Retype the entries below word for word, leaving out every picture.

── Data shown ──

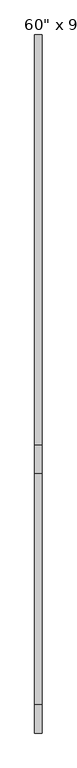
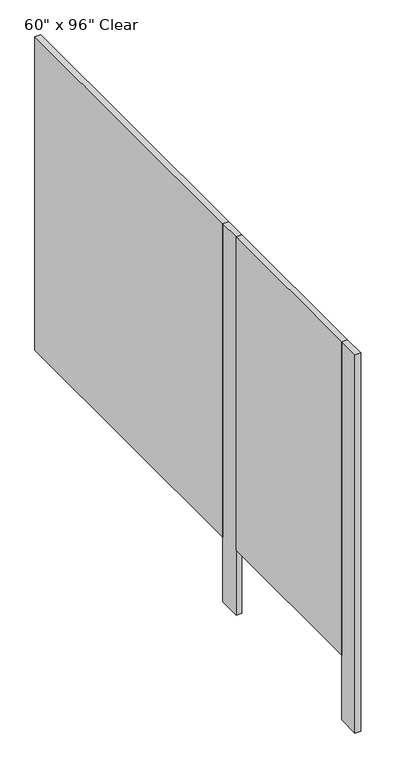
"""IFC4 building model written with IfcOpenShell, lengths in millimetres: proxy geometry."""

from ifc_helpers import new_model, si_unit, frame, origin, origin_with_axes, place, context, project, spatial, polyline, outline, extrude, source, transform, mapped, element, save


def proxy_f18b863e(model_context):
    return source(origin(), model_context, "Body", "SweptSolid", [
        extrude(outline(polyline([(-661.8968462, -2560.6375), (-687.2968462, -2560.6375), (-687.2968462, -1747.8375), (-661.8968462, -1747.8375), (-661.8968462, -2560.6375)])), frame((0.0, 0.0, 304.8), z_axis=(0.0, 0.0, 1.0), x_axis=(1.0, 0.0, 0.0)), (0.0, 0.0, 1.0), 1473.2),
        extrude(outline(polyline([(-661.8968462, -2662.2375), (-687.2968462, -2662.2375), (-687.2968462, -2560.6375), (-661.8968462, -2560.6375), (-661.8968462, -2662.2375)])), origin_with_axes(), (0.0, 0.0, 1.0), 1778.0),
        extrude(outline(polyline([(-661.8968462, -1747.8375), (-687.2968462, -1747.8375), (-687.2968462, -1646.2375), (-661.8968462, -1646.2375), (-661.8968462, -1747.8375)])), origin_with_axes(), (0.0, 0.0, 1.0), 1778.0),
        extrude(outline(polyline([(-687.2968462, -1646.2375), (-687.2968462, -198.4375), (-661.8968462, -198.4375), (-661.8968462, -1646.2375), (-687.2968462, -1646.2375)])), frame((0.0, 0.0, 304.8), z_axis=(0.0, 0.0, 1.0), x_axis=(1.0, 0.0, 0.0)), (0.0, 0.0, 1.0), 1473.2),
    ])


if __name__ == "__main__":
    model = new_model("IFC4")
    model_context = context("Model", 3, world=origin())
    ifc_project = project(units=[si_unit("LENGTHUNIT", "METRE", prefix="MILLI")], contexts=[model_context])
    site = spatial("IfcSite", under=ifc_project)
    building = spatial("IfcBuilding", under=site)
    placement = place(None, origin())
    proxy_shape = proxy_f18b863e(model_context)
    element("IfcBuildingElementProxy", 1, Name="Toilet Stall-Accessible-Side-3D w Toilet : 60\" x 96\" Clear", ObjectType="Toilet Stall-Accessible-Side-3D w Toilet : 60\" x 96\" Clear", at=placement, inside=building, context=model_context, shape_type="MappedRepresentation", body=[
        mapped(proxy_shape, transform((0.0, 0.0, 0.0), x_axis=(1.0, 0.0, 0.0), y_axis=(0.0, 1.0, 0.0), z_axis=(0.0, 0.0, 1.0))),
    ])
    save(model, "model.ifc")

# Revit data of these elements
# Type "Toilet Stall-Accessible-Side-3D w Toilet : 60\" x 96\" Clear"
#   Assembly Code = "C1030100"
#   Door Width = 2' - 8"
#   Length = 8' - 0"
#   Width = 5' - 0"
#   Show End Panel [instance default] = yes
#   Toilet Partition Material = Toilet Partition
#   Default Elevation = 0
# Element 1 (IfcBuildingElementProxy, "Toilet Stall-Accessible-Side-3D w Toilet : 60\" x 96\" Clear")
#   Show End Panel = no
#   Materials on its faces: "Toilet Partition"
# Materials
#   "Toilet Partition": class "Unassigned", colour RGB 0 181 188, transparency 0

───

=== Task solution ===
"""IFC4 building model written with IfcOpenShell, lengths in millimetres: proxy geometry."""

from ifc_helpers import new_model, si_unit, frame, origin, origin_with_axes, place, context, project, spatial, polyline, outline, extrude, source, transform, mapped, element, save


def proxy_f18b863e(model_context):
    return source(origin(), model_context, "Body", "SweptSolid", [
        extrude(outline(polyline([(-661.8968462, -2560.6375), (-687.2968462, -2560.6375), (-687.2968462, -1747.8375), (-661.8968462, -1747.8375), (-661.8968462, -2560.6375)])), frame((0.0, 0.0, 304.8), z_axis=(0.0, 0.0, 1.0), x_axis=(1.0, 0.0, 0.0)), (0.0, 0.0, 1.0), 1473.2),
        extrude(outline(polyline([(-661.8968462, -2662.2375), (-687.2968462, -2662.2375), (-687.2968462, -2560.6375), (-661.8968462, -2560.6375), (-661.8968462, -2662.2375)])), origin_with_axes(), (0.0, 0.0, 1.0), 1778.0),
        extrude(outline(polyline([(-661.8968462, -1747.8375), (-687.2968462, -1747.8375), (-687.2968462, -1646.2375), (-661.8968462, -1646.2375), (-661.8968462, -1747.8375)])), origin_with_axes(), (0.0, 0.0, 1.0), 1778.0),
        extrude(outline(polyline([(-687.2968462, -1646.2375), (-687.2968462, -198.4375), (-661.8968462, -198.4375), (-661.8968462, -1646.2375), (-687.2968462, -1646.2375)])), frame((0.0, 0.0, 304.8), z_axis=(0.0, 0.0, 1.0), x_axis=(1.0, 0.0, 0.0)), (0.0, 0.0, 1.0), 1473.2),
    ])


if __name__ == "__main__":
    model = new_model("IFC4")
    model_context = context("Model", 3, world=origin())
    ifc_project = project(units=[si_unit("LENGTHUNIT", "METRE", prefix="MILLI")], contexts=[model_context])
    site = spatial("IfcSite", under=ifc_project)
    building = spatial("IfcBuilding", under=site)
    placement = place(None, origin())
    proxy_shape = proxy_f18b863e(model_context)
    element("IfcBuildingElementProxy", 1, Name="Toilet Stall-Accessible-Side-3D w Toilet : 60\" x 96\" Clear", ObjectType="Toilet Stall-Accessible-Side-3D w Toilet : 60\" x 96\" Clear", at=placement, inside=building, context=model_context, shape_type="MappedRepresentation", body=[
        mapped(proxy_shape, transform((0.0, 0.0, 0.0), x_axis=(1.0, 0.0, 0.0), y_axis=(0.0, 1.0, 0.0), z_axis=(0.0, 0.0, 1.0))),
    ])
    save(model, "model.ifc")

# Revit data of these elements
# Type "Toilet Stall-Accessible-Side-3D w Toilet : 60\" x 96\" Clear"
#   Assembly Code = "C1030100"
#   Door Width = 2' - 8"
#   Length = 8' - 0"
#   Width = 5' - 0"
#   Show End Panel [instance default] = yes
#   Toilet Partition Material = Toilet Partition
#   Default Elevation = 0
# Element 1 (IfcBuildingElementProxy, "Toilet Stall-Accessible-Side-3D w Toilet : 60\" x 96\" Clear")
#   Show End Panel = no
#   Materials on its faces: "Toilet Partition"
# Materials
#   "Toilet Partition": class "Unassigned", colour RGB 0 181 188, transparency 0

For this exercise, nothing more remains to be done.